# Acrylic Bottle Stopper



## birddog (Nov 3, 2016)

Been working on a few prototype bottle stoppers poured using aluminite. Being an old, crusty fly fisherman,
I wanted to take some of my hand-tied flies and place them in a clear PVC mold and create a creek/river bed
scene. It involves a two-part pour and then placed in my pressure pot to remove most air bubbles. Once the aluminite has set/cured, I take it to the lathe, turning various shapes, wet sanding and final stage of polishing.
So far, it's been a work in progress and learn to "fine tune" with each stage of the process.
I don't think I'll be giving up my day job any time soon!
Tim

Reactions: Like 1 | Way Cool 13 | Creative 1


----------



## Tony (Nov 3, 2016)

That is cool as hell!!!!!!! Tony

Reactions: Thank You! 1 | Agree 4


----------



## ripjack13 (Nov 3, 2016)

Oh my goodness!! I don't even fly fish and I want one. Just so I have one...
Very cool....very very cool...

Reactions: Thank You! 1 | Agree 2


----------



## NYWoodturner (Nov 3, 2016)

Tim thats one of the most creative things I've seen in a while! Well done. Keep after it. I think your on to something

Reactions: Thank You! 1 | Agree 4


----------



## Tony (Nov 3, 2016)

Tim, could you do something on the casting in the Classroom? It has fascinated me since I discovered it, this might just push me to try it. Tony

Reactions: Like 1 | Agree 2


----------



## Kevin (Nov 4, 2016)

That's B.A.D.A.S.S. 

Brilliant And Dandy And Super Stylish!

Reactions: Like 2 | Creative 1 | Useful 1


----------



## gman2431 (Nov 15, 2016)

WOW! glad i stumbled upon this thread this is way cool!

Reactions: Agree 1


----------



## Gardnaaa (Dec 11, 2019)

Did you make your pressure pot from the harbor freight paint pot?


----------



## TXMoon (Dec 11, 2019)

I cannot add to the previous comments but I'll agree with every one of them.

Reactions: Like 1


----------



## Gdurfey (Dec 11, 2019)

@birddog , Tim, that is fantastic. I also tie flies and pretend to fly fish; that is absolutely stunning!!!!!!!!!!!!!!!!!!!!!!!!!!!!!! Very inspirational. I too can't quit my day job, but I sure want to spend the hours trying to recreate this!!!!! Thank you for sharing!


----------



## birddog (Dec 11, 2019)

I've done quite a few of these bottle stoppers since this post. The Fly Fishermen here in area seem to like them. I'm always trying to create different themes to keep it fun and interesting!
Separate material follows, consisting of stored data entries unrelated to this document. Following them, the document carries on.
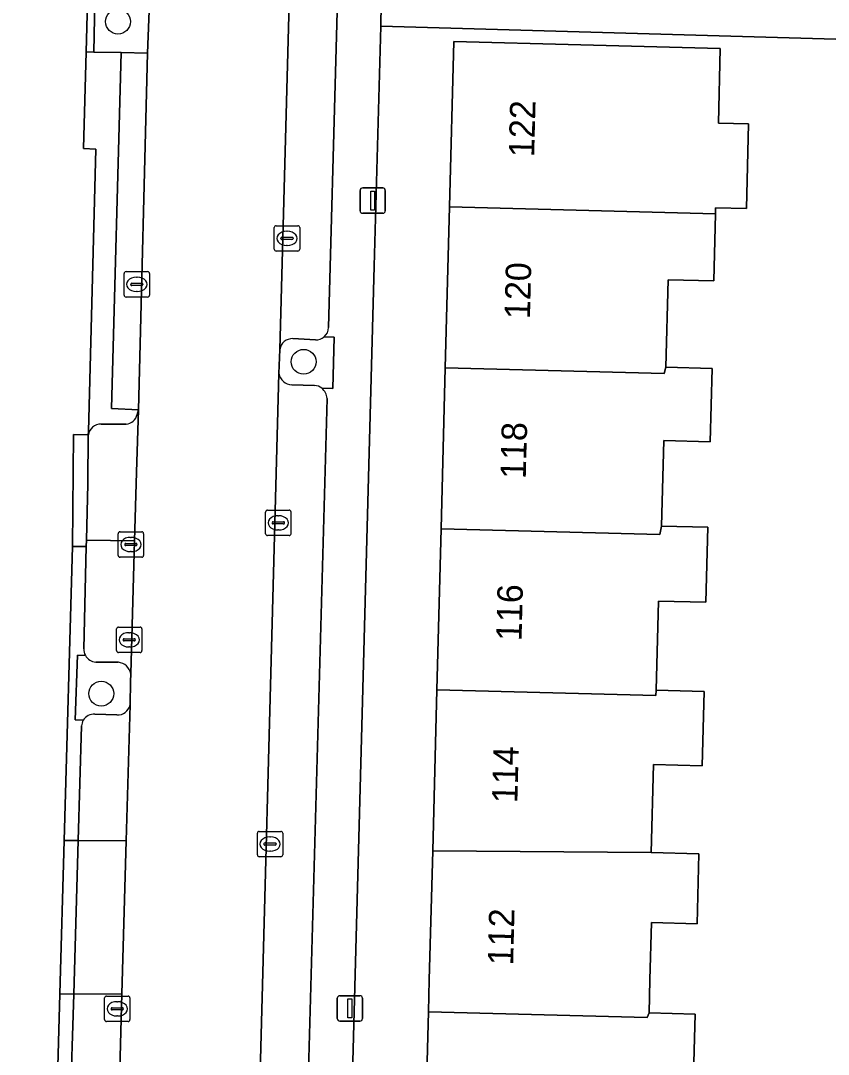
# Model space of a CAD drawing. Extents: x 162082 to 163401, y 388089 to 388636.
# Drawn here: x 162324.72 to 162356.5, y 388247.07 to 388287.72 of the extents above; entities that cross this region are included whole.
import ezdxf

# ---------------------------------------------------------------- set-up
doc = ezdxf.new("R2010")
doc.units = 0
for name, color, linetype in [('IMGEO_Berm_open', 7, 'Continuous'), ('IMGEO_Boom', 7, 'Continuous'), ('IMGEO_Erf', 7, 'Continuous'), ('IMGEO_Fietspad_gesloten', 7, 'Continuous'), ('IMGEO_Groenvoorziening', 7, 'Continuous'), ('IMGEO_Kolk', 7, 'Continuous'), ('IMGEO_Lichtmast', 7, 'Continuous'), ('IMGEO_Pand', 7, 'Continuous'), ('IMGEO_Pand_nummerreeks', 7, 'Continuous'), ('IMGEO_Parkeervlak_open', 7, 'Continuous'), ('IMGEO_Rijbaan_lokaal_gesloten', 7, 'Continuous'), ('IMGEO_Rijbaan_lokaal_open', 7, 'Continuous'), ('IMGEO_Rioolput', 7, 'Continuous'), ('IMGEO_Voetpad_open', 7, 'Continuous')]:
    doc.layers.add(name, color=color, linetype=linetype)

msp = doc.modelspace()

# ---------------------------------------------------------------- linework, layer by layer
at = {"layer": 'IMGEO_Berm_open'}
for points in [[(162327.895, 388289.495), (162328.369, 388307.541), (162327.861, 388307.546), (162327.288, 388286.498), (162327.596, 388286.49), (162327.652, 388289.17), (162327.984, 388289.163)], [(162327.297, 388267.04), (162326.752, 388267.046), (162326.43, 388255.479), (162326.974, 388255.482), (162327.113, 388259.985)], [(162327.198, 388263.017), (162327.297, 388267.04)], [(162327.181, 388260.211), (162326.866, 388260.221), (162326.947, 388262.772), (162327.262, 388262.762)], [(162326.664, 388244.93), (162326.803, 388249.442), (162326.263, 388249.445), (162325.933, 388237.577), (162326.46, 388237.576), (162326.594, 388242.059)]]:
    msp.add_lwpolyline(points, dxfattribs=at)
for centre, radius, start, end in [((162327.726, 388263.014), 0.528, 179.6824, 208.4958), ((162327.598, 388259.962), 0.486, 149.1875, 177.321)]:
    msp.add_arc(centre, radius, start, end, dxfattribs=at)
at = {"layer": 'IMGEO_Boom'}
for centre in [(162328.546, 388287.687), (162335.851, 388274.307), (162327.888, 388261.256)]:
    msp.add_circle(centre, 0.489, dxfattribs=at)
at = {"layer": 'IMGEO_Erf'}
for points in [[(162360.923, 388286.882), (162338.884, 388287.51), (162338.626, 388278.073), (162337.426, 388233.104)], [(162340.599, 388242.417), (162340.764, 388248.748), (162340.797, 388250), (162340.929, 388255.078), (162341.094, 388261.41), (162341.258, 388267.74), (162341.423, 388274.07), (162341.588, 388280.402), (162341.757, 388286.908), (162346.756, 388286.778), (162352.246, 388286.635), (162352.17, 388283.695), (162353.36, 388283.664), (162353.274, 388280.337), (162352.063, 388280.368), (162352.057, 388280.13), (162351.988, 388277.49), (162350.193, 388277.536), (162350.104, 388274.093), (162351.927, 388274.045), (162351.852, 388271.162), (162350.02, 388271.21), (162349.933, 388267.846), (162351.756, 388267.799), (162351.679, 388264.85), (162349.809, 388264.898), (162349.718, 388261.391), (162351.607, 388261.342), (162351.532, 388258.424), (162349.616, 388258.474), (162349.526, 388255.01), (162351.403, 388254.961), (162351.332, 388252.208), (162349.536, 388252.254), (162349.478, 388250), (162349.444, 388248.702), (162351.259, 388248.655), (162351.184, 388245.796)]]:
    msp.add_lwpolyline(points, dxfattribs=at)
at = {"layer": 'IMGEO_Fietspad_gesloten'}
msp.add_lwpolyline([(162324.717, 388195.314), (162324.9, 388201.505), (162325.254, 388213.522), (162325.431, 388219.544), (162325.433, 388219.603), (162325.765, 388231.539), (162325.933, 388237.577), (162326.263, 388249.445), (162326.43, 388255.479), (162326.752, 388267.046), (162326.802, 388271.444), (162327.379, 388271.429), (162327.38, 388271.563), (162327.677, 388282.671), (162327.185, 388282.695), (162327.288, 388286.498), (162327.861, 388307.546), (162327.998, 388312.547), (162328.302, 388323.735), (162328.466, 388329.762)], dxfattribs=at)
at = {"layer": 'IMGEO_Groenvoorziening'}
for points in [[(162327.984, 388289.163), (162327.652, 388289.17), (162327.596, 388286.49), (162328.675, 388286.47), (162329.71, 388286.451), (162329.78, 388288.456), (162329.772, 388288.568)], [(162336.321, 388275.169), (162335.426, 388275.218)], [(162336.565, 388273.265), (162337, 388273.254), (162337.05, 388275.282)], [(162337.05, 388275.282), (162336.658, 388275.292)], [(162334.914, 388274.789), (162334.879, 388273.842)], [(162335.387, 388273.403), (162336.282, 388273.381)], [(162327.262, 388262.762), (162326.947, 388262.772), (162326.866, 388260.221), (162327.181, 388260.211)], [(162328.56, 388262.489), (162327.669, 388262.493)], [(162329.021, 388260.81), (162329.041, 388261.739), (162329.048, 388262.041)], [(162327.635, 388260.446), (162328.502, 388260.419)]]:
    msp.add_lwpolyline(points, dxfattribs=at)
for centre, radius, start, end in [((162335.407, 388274.721), 0.497, 87.7586, 172.16), ((162336.331, 388275.665), 0.497, 268.873, 311.2297), ((162335.414, 388273.948), 0.545, 191.1771, 267.1575), ((162336.224, 388272.835), 0.549, 51.5372, 83.8859), ((162327.723, 388263.017), 0.527, 208.9529, 264.1229), ((162328.512, 388261.947), 0.545, 9.9831, 84.911), ((162327.597, 388259.964), 0.484, 85.4528, 149.2813), ((162328.533, 388260.918), 0.5, 266.4198, 347.5669)]:
    msp.add_arc(centre, radius, start, end, dxfattribs=at)
at = {"layer": 'IMGEO_Kolk'}
for p, q in [((162334.696, 388278.734), (162334.696, 388279.586)), ((162334.771, 388279.66), (162335.623, 388279.66)), ((162335.697, 388279.586), (162335.697, 388278.734)), ((162334.955, 388279.154), (162334.955, 388279.166)), ((162334.998, 388279.203), (162335.396, 388279.203)), ((162335.184, 388279.44), (162335.209, 388279.44)), ((162335.439, 388279.166), (162335.439, 388279.154)), ((162335.393, 388279.117), (162334.995, 388279.117)), ((162335.207, 388278.88), (162335.182, 388278.88)), ((162335.623, 388278.66), (162334.771, 388278.66)), ((162334.353, 388267.548), (162334.353, 388268.4)), ((162334.428, 388268.474), (162335.28, 388268.474)), ((162334.841, 388268.254), (162334.866, 388268.254)), ((162335.354, 388268.4), (162335.354, 388267.548)), ((162334.612, 388267.968), (162334.612, 388267.98)), ((162335.05, 388267.931), (162334.652, 388267.931)), ((162334.655, 388268.017), (162335.053, 388268.017)), ((162335.096, 388267.98), (162335.096, 388267.968)), ((162328.553, 388266.696), (162328.553, 388267.548)), ((162328.628, 388267.622), (162329.48, 388267.622)), ((162329.041, 388267.402), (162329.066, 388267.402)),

Reactions: Like 1 | Way Cool 3 | +Karma 1


----------



## Tony (Dec 11, 2019)

birddog said:


> I've done quite a few of these bottle stoppers since this post. The Fly Fishermen here in area seem to like them. I'm always trying to create different themes to keep it fun and interesting!



Dude, pictures man, we need pictures!!!!

Reactions: Like 1


----------



## Gardnaaa (Dec 11, 2019)

Tony said:


> Dude, pictures man, we need pictures!!!!



what he said! Pictures or it didn’t happen! :)

Reactions: Agree 2


----------



## Mr. Peet (Dec 13, 2019)

Tony said:


> That is cool as hell!!!!!!! Tony



Just a Bible reminder, Hell is most commonly not referred to as cool, not even warm, but often blazing hot and so on...

Reactions: Funny 2


----------



## Eric Rorabaugh (Dec 13, 2019)

@Tony

Reactions: Funny 2


----------



## Graybeard (Dec 30, 2019)

This is no easy task. How you kept the hackle spread out like that is amazing. Beautiful Job Indeed.

Reactions: Agree 1


----------



## birddog (Jan 7, 2020)

I’ve had some recent requests of my latest Fly Bottle Stoppers, so here’s a few photos.

Reactions: EyeCandy! 2 | Way Cool 6


----------



## gman2431 (Jan 7, 2020)

Beyond cool!!

Reactions: Agree 1


----------



## Eric Rorabaugh (Jan 7, 2020)

As @Graybeard said, how do you keep the hackles spread like that?

Reactions: Agree 2


----------



## birddog (Jan 7, 2020)

The key to pouring the acrylic is to not pour directly on the hackles. Fill the acrylic from the bottom up.

Reactions: Thank You! 1 | Informative 2 | Sincere 1 | Useful 1


----------



## TXMoon (Jan 7, 2020)

Those are amazing.

Reactions: Like 1


----------



## T. Ben (Jan 7, 2020)

Those are awesome!!

Reactions: Like 1


----------



## Tony (Jan 7, 2020)

That is just amazing!!! Have you considered selling any of the blanks? I bet you would do well!


----------



## Gardnaaa (Jan 7, 2020)

Wow! Awesome! Alumilite clear slow? And what do you do exactly for the 2 part pour?


----------



## birddog (Jan 7, 2020)

Tony said:


> That is just amazing!!! Have you considered selling any of the blanks? I bet you would do well!


Tony.....haven’t considered just selling the blanks. There’s so much details and labor into each blank that I’m not sure about turning a small profit. I sell the completed bottle stoppers to NorCal flyshops and make a little to cover materials and minimum wage labor costs.

Reactions: Like 1 | +Karma 1


----------